In common with many English people who don't feel that English, or even particularly British, I don't know quite what to think about Scottish independence, or indeed whether it's my business. I don't have a vote and, it seems, I don't have an opinion. I know that John Major believes that the decision the Scots will make on September 18 is of seismic importance, and should the answer to the question of independence by "Yes", he believes it would have catastrophic consequences for Britain's global influence.

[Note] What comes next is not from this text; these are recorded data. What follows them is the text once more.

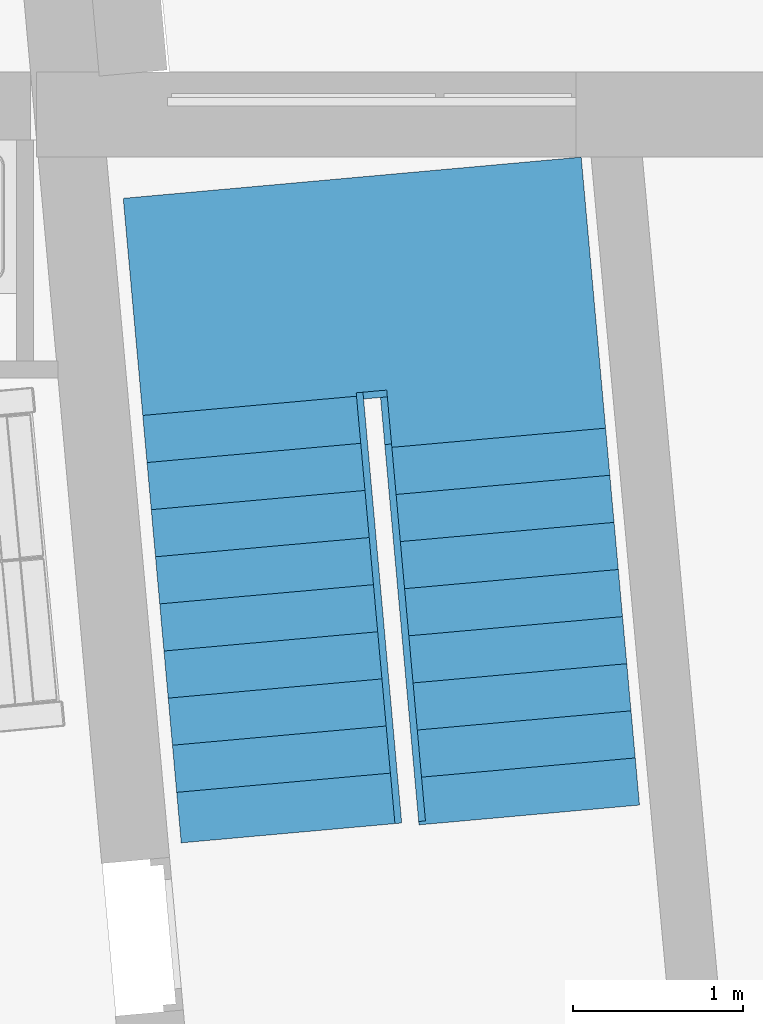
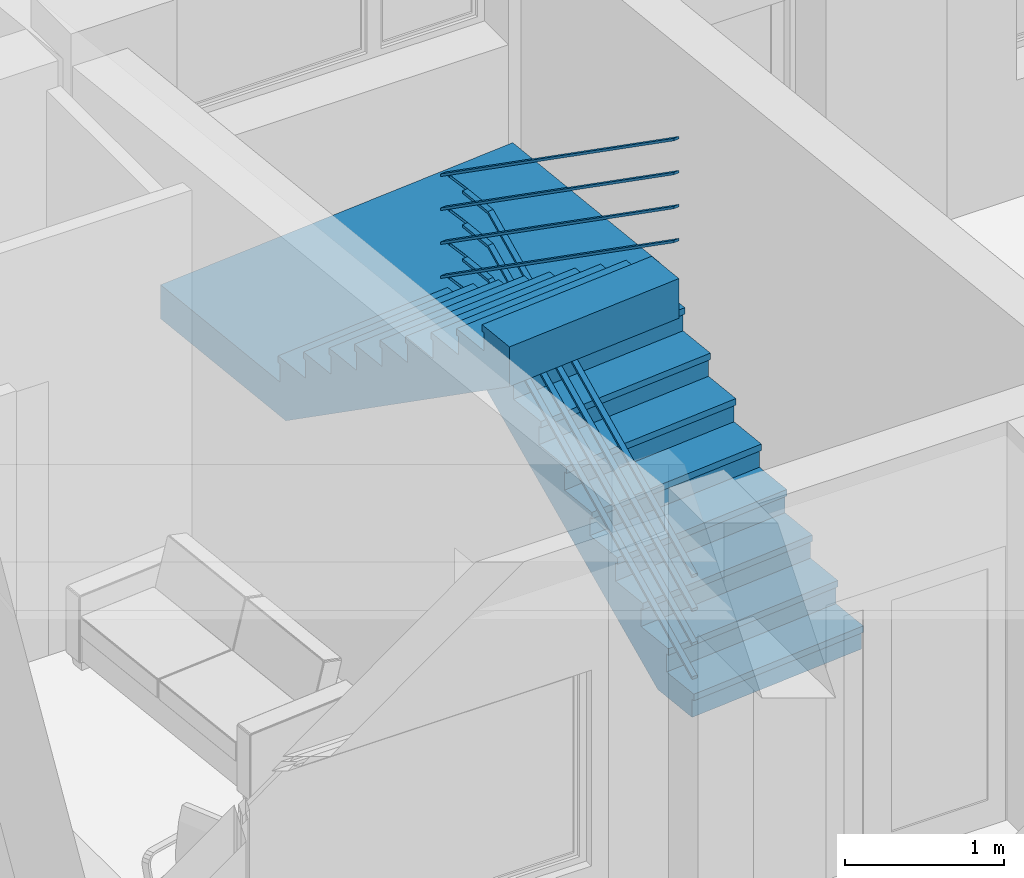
# One storey, part 27 of 36: 1 stair.
"""IFC2X3 building model written with IfcOpenShell, lengths in millimetres."""

from ifc_helpers import new_model, entity, si_unit, converted_unit, money_unit, direction, frame, origin_with_axes, place, context, subcontext, project, spatial, faceted_brep, material, element, save


model = new_model("IFC2X3")

# Units and contexts
model_context = context("Model", 3, precision=1e-05, world=origin_with_axes(), true_north=direction((0.0, 1.0)))
body_context = subcontext(model_context, "Body", "Model", "MODEL_VIEW")
ifc_project = project(units=[si_unit("LENGTHUNIT", "METRE", prefix="MILLI"), si_unit("AREAUNIT", "SQUARE_METRE"), si_unit("VOLUMEUNIT", "CUBIC_METRE"), converted_unit("PLANEANGLEUNIT", "DEGREE", entity("IfcPlaneAngleMeasure", 0.0174532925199), si_unit("PLANEANGLEUNIT", "RADIAN"), dimensions=[0, 0, 0, 0, 0, 0, 0]), si_unit("SOLIDANGLEUNIT", "STERADIAN"), money_unit("USD"), converted_unit("TIMEUNIT", "Year", entity("IfcTimeMeasure", 31556926.0), si_unit("TIMEUNIT", "SECOND"), dimensions=[0, 0, 0, 0, 0, 0, 0]), si_unit("MASSUNIT", "GRAM"), si_unit("THERMODYNAMICTEMPERATUREUNIT", "DEGREE_CELSIUS"), si_unit("LUMINOUSINTENSITYUNIT", "LUMEN")], contexts=[model_context])

# Site, building, storey
site_placement = place(None, origin_with_axes())
site = spatial("IfcSite", under=ifc_project, at=site_placement, Name="Site", CompositionType="ELEMENT")
building_placement = place(site_placement, origin_with_axes())
building = spatial("IfcBuilding", under=site, at=building_placement, Name="Building", CompositionType="ELEMENT")
storey_placement = place(building_placement, frame((0.0, 0.0, -3400.0), z_axis=(0.0, 0.0, 1.0), x_axis=(1.0, 0.0, 0.0)))
storey = spatial("IfcBuildingStorey", under=building, at=storey_placement, Name="1KORRUS", CompositionType="ELEMENT", Elevation=-3400.0)

# Stair
ifc_material = material(Name="50 %")
stair_placement = place(storey_placement, frame((-51198.3443132, -8924.32051157, 0.0), z_axis=(0.0, 0.0, 1.0), x_axis=(-0.0895981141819, 0.995978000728, 0.0)))
element("IfcStair", 1, at=stair_placement, inside=storey, material=ifc_material, Name="TR1", ObjectType="TR1", ShapeType="TWO_STRAIGHT_RUN_STAIR", context=body_context, shape_type="Brep", body=[
    faceted_brep([(373.459, 0.0, 0.0), (373.459, 1300.0, 0.0), (2564.636, 1300.0, 1440.0), (2564.636, 0.0, 1440.0), (30.0, 0.0, 0.0), (30.0, 1300.0, 0.0), (30.0, 1300.0, 138.889), (307.778, 1300.0, 138.889), (307.778, 1300.0, 327.778), (585.556, 1300.0, 327.778), (585.556, 1300.0, 516.667), (863.333, 1300.0, 516.667), (863.333, 1300.0, 705.556), (1141.111, 1300.0, 705.556), (1141.111, 1300.0, 894.444), (1418.889, 1300.0, 894.444), (1418.889, 1300.0, 1083.333), (1696.667, 1300.0, 1083.333), (1696.667, 1300.0, 1272.222), (1974.444, 1300.0, 1272.222), (1974.444, 1300.0, 1461.111), (2252.222, 1300.0, 1461.111), (2252.222, 1300.0, 1650.0), (2530.0, 1300.0, 1650.0), (3800.0, 1300.0, 1650.0), (3800.0, 1300.0, 1440.0), (3800.0, 0.0, 1440.0), (3800.0, 0.0, 1650.0), (2530.0, 0.0, 1650.0), (2252.222, 0.0, 1650.0), (2252.222, 0.0, 1461.111), (1974.444, 0.0, 1461.111), (1974.444, 0.0, 1272.222), (1696.667, 0.0, 1272.222), (1696.667, 0.0, 1083.333), (1418.889, 0.0, 1083.333), (1418.889, 0.0, 894.444), (1141.111, 0.0, 894.444), (1141.111, 0.0, 705.556), (863.333, 0.0, 705.556), (863.333, 0.0, 516.667), (585.556, 0.0, 516.667), (585.556, 0.0, 327.778), (307.778, 0.0, 327.778), (307.778, 0.0, 138.889), (30.0, 0.0, 138.889)], [[[0, 1, 2, 3]], [[4, 5, 1, 0]], [[1, 5, 6, 7, 8, 9, 10, 11, 12, 13, 14, 15, 16, 17, 18, 19, 20, 21, 22, 23, 24, 25, 2]], [[3, 2, 25, 26]], [[0, 3, 26, 27, 28, 29, 30, 31, 32, 33, 34, 35, 36, 37, 38, 39, 40, 41, 42, 43, 44, 45, 4]], [[45, 6, 5, 4]], [[44, 7, 6, 45]], [[43, 8, 7, 44]], [[42, 9, 8, 43]], [[41, 10, 9, 42]], [[40, 11, 10, 41]], [[39, 12, 11, 40]], [[38, 13, 12, 39]], [[37, 14, 13, 38]], [[36, 15, 14, 37]], [[35, 16, 15, 36]], [[34, 17, 16, 35]], [[33, 18, 17, 34]], [[32, 19, 18, 33]], [[31, 20, 19, 32]], [[30, 21, 20, 31]], [[29, 22, 21, 30]], [[28, 23, 22, 29]], [[27, 24, 23, 28]], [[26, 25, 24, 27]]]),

The debate over whether Scotland should go alone or not has been framed, depending on the audience, as a matter of identity, or economics or practicality. I have quite a few Scottish friends, and I have never felt they had a problem with their identity (unlike many English people). History and culture have conspired to ensure that the Scots have a very clear sense of who they are, and where they’ve come from. It’s on the sporting field – and not, until now, at the ballot box – where their sense of selfhood is most clearly manifest, expressed in rivalry with the English. (I was with the Scots comic Fred MacAulay (pictured) the other day, and he was taunting me over England’s pathetic performance at the World Cup. “And what group are Scotland in?” I asked him. “Oh, I forgot. You didn’t qualify.” MacAulay volleyed back: “We don’t care. Tennis is our national sport.”)

However, the Scottish independence debate does raise issue of nation-hood for all us, and particularly what binds us together. This can be characterised by the simple question: where do I belong? If the Scots say yes, what does it mean for Wales? And what about groups of population who also have an economic identity and a shared culture. Lancashire? Yorkshire? Cornwall? Is it the end for one-nation politics (a questionable concept, anyway)?

We live in a country where the huge regional disparity in wealth and opportunity threatens the concept of a homogenous society, and where the differences between urban and rural Britain become more pronounced. A resident of Manchester, for instance, might find more in common with someone who comes from Lisbon than Littlehampton. Even in the case of Scotland, it is reasonable to ask what the people of Edinburgh truly have in common with those from Uist. Yes, they have a shared national identity, but their daily lives, their concerns and their priorities would probably be very different indeed. It may be that we are going down a path which leads to the break-up of geographically-based societies, and this, of course, has consequences for other people in Europe, like the Catalans and the Basques, but also for groups as diverse and unheralded as the South Tyrolean secessionist movement, and the Celtic League of Brittany.

The strange consequence of Scotland voting yes to becoming an independent nation is that it may presage an era when nationhood is broken down. John Major may well be right, if not that Scottish independence would be a catastrophe, but that this is a decision which will have huge, as yet unknown, consequences.